▶ **WHAT THIS TASK INVOLVES**:
Look through the records below and collect all lines that hold the string "passes".

▶ **DATA SUPPLIED**:
::::
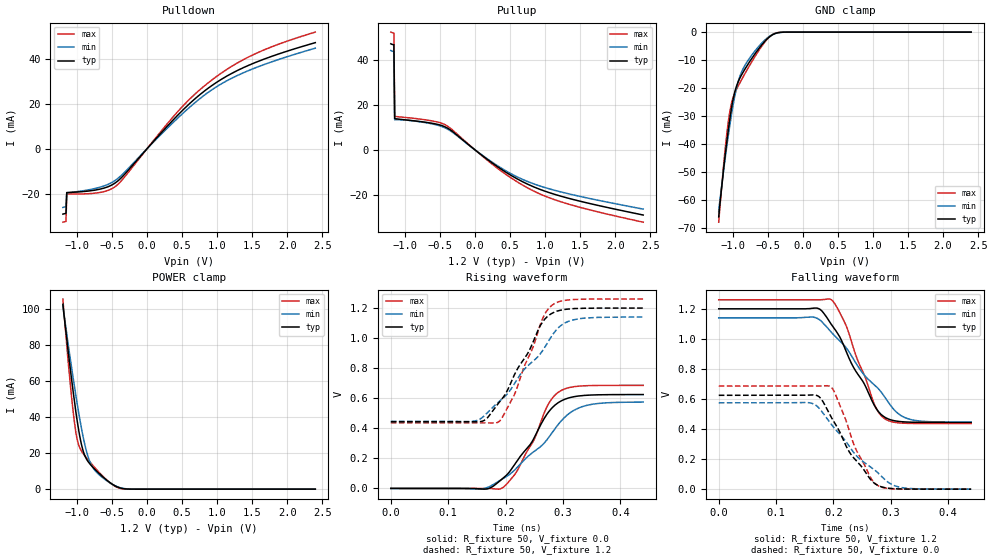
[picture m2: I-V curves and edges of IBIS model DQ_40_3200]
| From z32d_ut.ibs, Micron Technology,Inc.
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| MODEL DQ_40_3200 (40 Ohm Data I/O with no ODT, 1600-3200Mbps)
[Model]   DQ_40_3200
Model_type   I/O
Vinl = 905.000mV
Vinh = 1015.000mV
Vmeas = 960.000mV
Vref = 1200.000mV
Cref = 0.0pF
Rref = 50.000Ohm
|   typ   min   max
|C_comp   0.636pF   0.586pF   0.686pF
C_comp_pullup   0.318pF   0.293pF   0.343pF
C_comp_pulldown   0.318pF   0.293pF   0.343pF
[Model Spec]
| Timing spec test load voltage corners
Vref   1.2000V   1.1400V   1.2600V
| Dynamic Overshoot Parameters from DDR4 Specification
|D_overshoot_ampl_h   0.40   NA   NA
|D_overshoot_ampl_l   0.40   NA   NA
|D_overshoot_area_h   0.0800n   NA   NA
|D_overshoot_area_l   0.0800n   NA   NA
[Voltage Range]   1.2000V   1.1400V   1.2600V
| Junction Temperature (Ambient temp is 35C typ, 125C min, -40C max)
[Temperature Range]   50.0   140.0   -40.0
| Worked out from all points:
|   slope of the pulldown table from 0 to 0.18 V, typ, clamps not added: 28.6 ohm
|   slope of the pullup table from 0 to 0.18 V, typ, clamps not added: 41.6 ohm
|   GND clamp passes 1 mA (typ) near -0.44 V on its own axis
|   POWER clamp passes 1 mA (typ) near -0.41 V on its own axis
|   rising waveform, R_fixture 50, V_fixture 0.0: 20-80 % time 63.6ps typ, 85.8ps min, 49.8ps max; typ from 0 V to 0.625 V
|   rising waveform, R_fixture 50, V_fixture 1.2: 20-80 % time 62.3ps typ, 87.2ps min, 48.6ps max; typ from 0.444 V to 1.2 V
|   falling waveform, R_fixture 50, V_fixture 1.2: 20-80 % time 61.1ps typ, 87.4ps min, 46.3ps max; typ from 1.2 V to 0.444 V
|   falling waveform, R_fixture 50, V_fixture 0.0: 20-80 % time 60.7ps typ, 85.3ps min, 45.1ps max; typ from 0.625 V to 0 V
[Pulldown]
|   Voltage   I(typ)   I(min)   I(max)
-1.2V     -29.12mA   -26.14mA   -32.71mA
-1.156V   -28.8mA    -25.82mA   -32.39mA
-1.145V   -19.51mA   -19.63mA   -20.16mA
-687.3mV  -18.1mA    -17.28mA   -19.55mA
-447.3mV  -15.08mA   -13.94mA   -16.69mA
-338.2mV  -11.99mA   -11.02mA   -13.27mA
469.1mV   15.9mA     14.55mA    17.58mA
698.2mV   22.62mA    20.88mA    24.73mA
938.2mV   28.41mA    26.51mA    30.92mA
1.222V    33.76mA    31.6mA     36.95mA
1.516V    38.02mA    35.66mA    41.88mA
2.4V      47.23mA    44.77mA    51.93mA
[GND Clamp]
|   Voltage   I(typ)   I(min)   I(max)
-1.2V     -66.16mA   -64.28mA   -68.09mA
-1.135V   -50.09mA   -50.4mA    -48.84mA
-1.091V   -40.55mA   -42.05mA   -37.85mA
-1.047V   -32.05mA   -34.3mA    -29.3mA
-1.004V   -25.21mA   -27.36mA   -24.13mA
-970.9mV  -21.44mA   -22.9mA    -21.89mA
-927.3mV  -18.1mA    -18.21mA   -19.59mA
-840mV    -13.84mA   -12.53mA   -15.5mA
-632.7mV  -6.061mA   -5.231mA   -6.759mA
-447.3mV  -1.181mA   -1.089mA   -1.122mA
-250.9mV  -9.403uA   -28.92uA   310.9nA
2.4V      0A         0A         0A
[Pullup]
|   Voltage   I(typ)   I(min)   I(max)
-1.2V     47.33mA    44.35mA    52.54mA
-1.156V   46.84mA    43.82mA    52.08mA
-1.145V   13.94mA    13.44mA    14.91mA
-741.8mV  12.46mA    12.31mA    13.54mA
-425.5mV  10.24mA    9.779mA    11.21mA
-327.3mV  8.361mA    7.97mA     9.047mA
98.18mV   -2.398mA   -2.268mA   -2.609mA
403.6mV   -9.233mA   -8.673mA   -10.12mA
676.4mV   -14.17mA   -13.15mA   -15.66mA
960mV     -18.01mA   -16.46mA   -20.13mA
1.462V    -22.63mA   -20.52mA   -25.34mA
2.4V      -29.08mA   -26.44mA   -32.28mA
[POWER Clamp]
|   Voltage   I(typ)   I(min)   I(max)
-1.2V     102.5mA    102mA      105.3mA
-1.135V   79.77mA    83.1mA     75.19mA
-1.069V   58.73mA    65.56mA    48.42mA
-1.015V   42.78mA    51.76mA    31.4mA
-981.8mV  34.36mA    43.96mA    25.35mA
-905.5mV  20.47mA    27.86mA    19.42mA
-850.9mV  15.87mA    19.19mA    16.74mA
-807.3mV  13.63mA    14.47mA    14.72mA
-709.1mV  9.665mA    8.957mA    10.4mA
-501.8mV  2.908mA    2.849mA    2.742mA
-250.9mV  22.56uA    71.67uA    -929.3nA
2.4V      0A         0A         0A
[Ramp]
|   typ   min   max
| 20% - 80%
dV/dt_r   374.75m/63.58p   344.61m/85.76p   411.51m/49.80p
dV/dt_f   453.55m/61.15p   416.27m/87.34p   494.02m/46.29p
| Slew rate: Power terminated
|SR_r[V/ns]   7.28   4.77   10.18
|SR_f[V/ns]   7.42   4.77   10.67
| 25% - 75%
|dV/dt_r   312.29m/52.61p   287.17m/71.67p   342.92m/41.18p
|dV/dt_f   377.96m/50.69p   346.89m/71.76p   411.68m/38.60p
| Slew rate: Power terminated
|SR_r[V/ns]   7.36   4.83   10.29
|SR_f[V/ns]   7.46   4.83   10.67
R_load = 50
[Rising Waveform]
R_fixture = 50
V_fixture = 0.0
|   Time   V(typ)   V(min)   V(max)
0s        6.048uV    34.79uV    354.8nV
165ps     -4.693mV   1.799mV    267.7uV
192ps     56.09mV    56.94mV    -1.218mV
220ps     183mV      138.5mV    115.4mV
250ps     337mV      246.8mV    326.1mV
273ps     498.3mV    327.5mV    549.3mV
292ps     570.9mV    426.4mV    639.7mV
314ps     606mV      507.1mV    673.5mV
340ps     619.5mV    551mV      683.3mV
440ps     624.6mV    574.4mV    685.8mV
[Rising Waveform]
R_fixture   = 50
V_fixture   = 1.2
V_fixture_min = 1.14
V_fixture_max = 1.26
|   Time   V(typ)   V(min)   V(max)
0s        444.1mV    446.1mV    436.6mV
157ps     445mV      465.2mV    436.7mV
187ps     563.5mV    571.9mV    440.8mV
215ps     752.6mV    693.9mV    620.5mV
240ps     907.8mV    820.2mV    872.8mV
264ps     1.104V     913.1mV    1.125V
280ps     1.163V     1.012V     1.216V
299ps     1.188V     1.091V     1.248V
320ps     1.197V     1.123V     1.257V
440ps     1.2V       1.14V      1.26V
[Falling Waveform]
R_fixture   = 50
V_fixture   = 1.2
V_fixture_min = 1.14
V_fixture_max = 1.26
|   Time   V(typ)   V(min)   V(max)
0s        1.2V       1.14V      1.26V
171ps     1.205V     1.138V     1.26V
195ps     1.104V     1.05V      1.263V
220ps     936.8mV    951.3mV    1.107V
249ps     730.4mV    781.9mV    799.2mV
270ps     566.7mV    698.7mV    576.6mV
286ps     487.8mV    631.7mV    478.6mV
309ps     453.4mV    515.7mV    443.3mV
330ps     446.4mV    468.4mV    437.9mV
440ps     444.1mV    446.2mV    436.6mV
[Falling Waveform]
R_fixture = 50
V_fixture = 0.0
|   Time   V(typ)   V(min)   V(max)
0s        624.6mV    574.7mV    685.9mV
169ps     625.5mV    559.5mV    685.8mV
179ps     598.2mV    520.8mV    686.9mV
193ps     500.6mV    446.6mV    685.8mV
203ps     434.8mV    400.5mV    635mV
229ps     239.7mV    277.4mV    371.7mV
241ps     184.3mV    218.1mV    251.2mV
275ps     29.84mV    117.6mV    30.16mV
318ps     1.206mV    11.37mV    600.4uV
440ps     6.181uV    43.58uV    369nV
::::
▶ **SOLUTION FOR THIS TASK**:
|   GND clamp passes 1 mA (typ) near -0.44 V on its own axis
|   POWER clamp passes 1 mA (typ) near -0.41 V on its own axis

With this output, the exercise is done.